## Directions for this task
Print the first line of the data below and every one after it, through the line containing "msp = doc.modelspace()", exactly as written.

Records from a collection:
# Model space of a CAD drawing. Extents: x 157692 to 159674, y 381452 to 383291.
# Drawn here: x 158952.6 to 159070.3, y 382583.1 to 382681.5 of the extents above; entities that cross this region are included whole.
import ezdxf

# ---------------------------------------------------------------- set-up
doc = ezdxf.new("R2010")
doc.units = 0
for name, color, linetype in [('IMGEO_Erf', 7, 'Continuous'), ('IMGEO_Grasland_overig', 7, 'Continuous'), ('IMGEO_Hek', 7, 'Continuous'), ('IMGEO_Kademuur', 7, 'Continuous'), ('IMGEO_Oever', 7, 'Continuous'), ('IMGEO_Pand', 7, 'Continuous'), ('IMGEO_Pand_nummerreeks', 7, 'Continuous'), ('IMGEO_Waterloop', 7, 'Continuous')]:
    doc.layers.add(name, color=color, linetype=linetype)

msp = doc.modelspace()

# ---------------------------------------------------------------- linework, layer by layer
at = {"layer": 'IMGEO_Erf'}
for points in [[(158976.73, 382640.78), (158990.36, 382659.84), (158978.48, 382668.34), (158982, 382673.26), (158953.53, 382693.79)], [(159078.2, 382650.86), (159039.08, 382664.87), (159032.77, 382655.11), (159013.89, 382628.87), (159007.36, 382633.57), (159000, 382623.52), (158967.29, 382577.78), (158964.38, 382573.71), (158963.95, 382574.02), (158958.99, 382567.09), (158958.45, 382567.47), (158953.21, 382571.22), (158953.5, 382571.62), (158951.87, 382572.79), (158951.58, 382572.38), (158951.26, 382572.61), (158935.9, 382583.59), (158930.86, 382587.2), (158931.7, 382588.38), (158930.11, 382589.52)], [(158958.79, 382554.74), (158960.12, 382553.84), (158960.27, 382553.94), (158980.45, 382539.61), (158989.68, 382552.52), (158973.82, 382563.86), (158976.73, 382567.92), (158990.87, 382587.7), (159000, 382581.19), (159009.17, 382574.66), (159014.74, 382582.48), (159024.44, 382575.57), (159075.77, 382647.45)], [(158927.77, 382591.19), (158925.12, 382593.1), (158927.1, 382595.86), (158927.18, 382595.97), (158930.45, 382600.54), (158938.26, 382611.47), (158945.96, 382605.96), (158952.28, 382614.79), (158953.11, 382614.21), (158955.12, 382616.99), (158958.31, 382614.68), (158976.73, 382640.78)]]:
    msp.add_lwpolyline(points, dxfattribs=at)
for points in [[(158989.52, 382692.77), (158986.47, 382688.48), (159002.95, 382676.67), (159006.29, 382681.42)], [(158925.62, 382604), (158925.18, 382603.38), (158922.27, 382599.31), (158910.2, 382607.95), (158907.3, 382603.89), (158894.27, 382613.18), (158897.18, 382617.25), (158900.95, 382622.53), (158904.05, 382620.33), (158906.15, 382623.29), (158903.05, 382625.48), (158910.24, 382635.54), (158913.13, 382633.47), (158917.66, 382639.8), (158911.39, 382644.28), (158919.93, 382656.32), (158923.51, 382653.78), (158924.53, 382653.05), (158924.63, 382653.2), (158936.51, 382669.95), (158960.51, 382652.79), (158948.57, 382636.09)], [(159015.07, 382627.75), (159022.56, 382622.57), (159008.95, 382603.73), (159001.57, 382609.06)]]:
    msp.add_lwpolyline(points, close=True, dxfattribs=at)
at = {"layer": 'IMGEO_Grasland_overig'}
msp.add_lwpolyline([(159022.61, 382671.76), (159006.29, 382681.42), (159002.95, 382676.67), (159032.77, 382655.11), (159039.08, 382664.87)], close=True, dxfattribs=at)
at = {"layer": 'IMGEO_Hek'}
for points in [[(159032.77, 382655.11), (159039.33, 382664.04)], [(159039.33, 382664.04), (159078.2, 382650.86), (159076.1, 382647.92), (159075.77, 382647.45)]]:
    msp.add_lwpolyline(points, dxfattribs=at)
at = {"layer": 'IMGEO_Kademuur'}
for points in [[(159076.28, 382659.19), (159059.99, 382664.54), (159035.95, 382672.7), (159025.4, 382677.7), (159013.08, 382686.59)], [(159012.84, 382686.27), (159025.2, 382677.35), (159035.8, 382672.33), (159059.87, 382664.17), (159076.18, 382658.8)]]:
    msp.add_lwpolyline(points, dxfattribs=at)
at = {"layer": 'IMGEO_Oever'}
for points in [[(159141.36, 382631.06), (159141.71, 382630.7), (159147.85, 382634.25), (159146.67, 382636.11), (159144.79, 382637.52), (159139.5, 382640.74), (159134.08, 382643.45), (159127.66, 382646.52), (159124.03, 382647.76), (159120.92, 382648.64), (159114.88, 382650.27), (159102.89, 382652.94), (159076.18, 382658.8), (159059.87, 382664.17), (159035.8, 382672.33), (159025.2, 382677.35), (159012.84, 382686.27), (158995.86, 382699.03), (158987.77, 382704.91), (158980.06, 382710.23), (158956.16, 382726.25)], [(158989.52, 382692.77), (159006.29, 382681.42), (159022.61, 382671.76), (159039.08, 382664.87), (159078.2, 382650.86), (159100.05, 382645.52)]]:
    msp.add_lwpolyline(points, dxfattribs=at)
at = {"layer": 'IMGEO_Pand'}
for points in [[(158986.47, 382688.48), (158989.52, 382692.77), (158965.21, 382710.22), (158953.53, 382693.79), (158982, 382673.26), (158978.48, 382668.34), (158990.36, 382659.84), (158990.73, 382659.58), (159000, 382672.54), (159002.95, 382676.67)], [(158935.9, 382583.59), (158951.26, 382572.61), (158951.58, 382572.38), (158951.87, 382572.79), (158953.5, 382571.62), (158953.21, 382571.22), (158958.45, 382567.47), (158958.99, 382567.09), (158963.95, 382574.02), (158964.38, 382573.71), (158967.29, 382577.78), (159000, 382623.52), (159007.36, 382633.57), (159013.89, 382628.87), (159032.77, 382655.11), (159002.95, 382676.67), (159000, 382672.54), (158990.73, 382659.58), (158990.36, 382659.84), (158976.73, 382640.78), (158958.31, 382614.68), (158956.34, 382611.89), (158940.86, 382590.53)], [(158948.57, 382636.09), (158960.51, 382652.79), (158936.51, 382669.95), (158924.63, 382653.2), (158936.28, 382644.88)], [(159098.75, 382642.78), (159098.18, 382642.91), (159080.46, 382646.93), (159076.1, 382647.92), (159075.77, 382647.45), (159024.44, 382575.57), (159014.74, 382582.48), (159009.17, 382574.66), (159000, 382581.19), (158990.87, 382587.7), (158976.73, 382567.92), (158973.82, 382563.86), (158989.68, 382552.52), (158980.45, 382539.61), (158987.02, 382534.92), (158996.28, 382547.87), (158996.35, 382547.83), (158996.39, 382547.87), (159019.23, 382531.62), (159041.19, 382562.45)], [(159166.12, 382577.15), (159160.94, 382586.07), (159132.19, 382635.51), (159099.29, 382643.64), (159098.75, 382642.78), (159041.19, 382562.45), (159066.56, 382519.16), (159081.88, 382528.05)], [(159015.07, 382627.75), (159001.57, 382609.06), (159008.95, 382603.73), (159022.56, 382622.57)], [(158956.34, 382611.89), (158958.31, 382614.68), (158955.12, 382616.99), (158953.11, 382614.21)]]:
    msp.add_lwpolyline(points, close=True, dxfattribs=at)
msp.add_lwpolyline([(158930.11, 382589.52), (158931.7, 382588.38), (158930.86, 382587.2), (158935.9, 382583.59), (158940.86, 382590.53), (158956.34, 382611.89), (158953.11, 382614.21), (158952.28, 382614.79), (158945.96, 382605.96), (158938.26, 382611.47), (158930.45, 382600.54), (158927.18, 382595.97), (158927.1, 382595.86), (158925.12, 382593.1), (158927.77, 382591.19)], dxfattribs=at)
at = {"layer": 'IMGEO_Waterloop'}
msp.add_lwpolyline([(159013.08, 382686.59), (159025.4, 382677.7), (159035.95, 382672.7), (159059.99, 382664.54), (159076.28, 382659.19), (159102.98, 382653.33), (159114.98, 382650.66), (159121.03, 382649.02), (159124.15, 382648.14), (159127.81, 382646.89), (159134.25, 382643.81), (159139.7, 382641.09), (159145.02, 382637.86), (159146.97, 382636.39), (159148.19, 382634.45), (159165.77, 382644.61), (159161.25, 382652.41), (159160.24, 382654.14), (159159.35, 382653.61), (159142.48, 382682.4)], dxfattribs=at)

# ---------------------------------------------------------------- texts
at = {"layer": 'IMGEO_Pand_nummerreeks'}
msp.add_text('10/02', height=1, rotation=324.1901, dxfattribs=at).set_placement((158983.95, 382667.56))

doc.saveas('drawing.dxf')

## Response to the task
# Model space of a CAD drawing. Extents: x 157692 to 159674, y 381452 to 383291.
# Drawn here: x 158952.6 to 159070.3, y 382583.1 to 382681.5 of the extents above; entities that cross this region are included whole.
import ezdxf

# ---------------------------------------------------------------- set-up
doc = ezdxf.new("R2010")
doc.units = 0
for name, color, linetype in [('IMGEO_Erf', 7, 'Continuous'), ('IMGEO_Grasland_overig', 7, 'Continuous'), ('IMGEO_Hek', 7, 'Continuous'), ('IMGEO_Kademuur', 7, 'Continuous'), ('IMGEO_Oever', 7, 'Continuous'), ('IMGEO_Pand', 7, 'Continuous'), ('IMGEO_Pand_nummerreeks', 7, 'Continuous'), ('IMGEO_Waterloop', 7, 'Continuous')]:
    doc.layers.add(name, color=color, linetype=linetype)

msp = doc.modelspace()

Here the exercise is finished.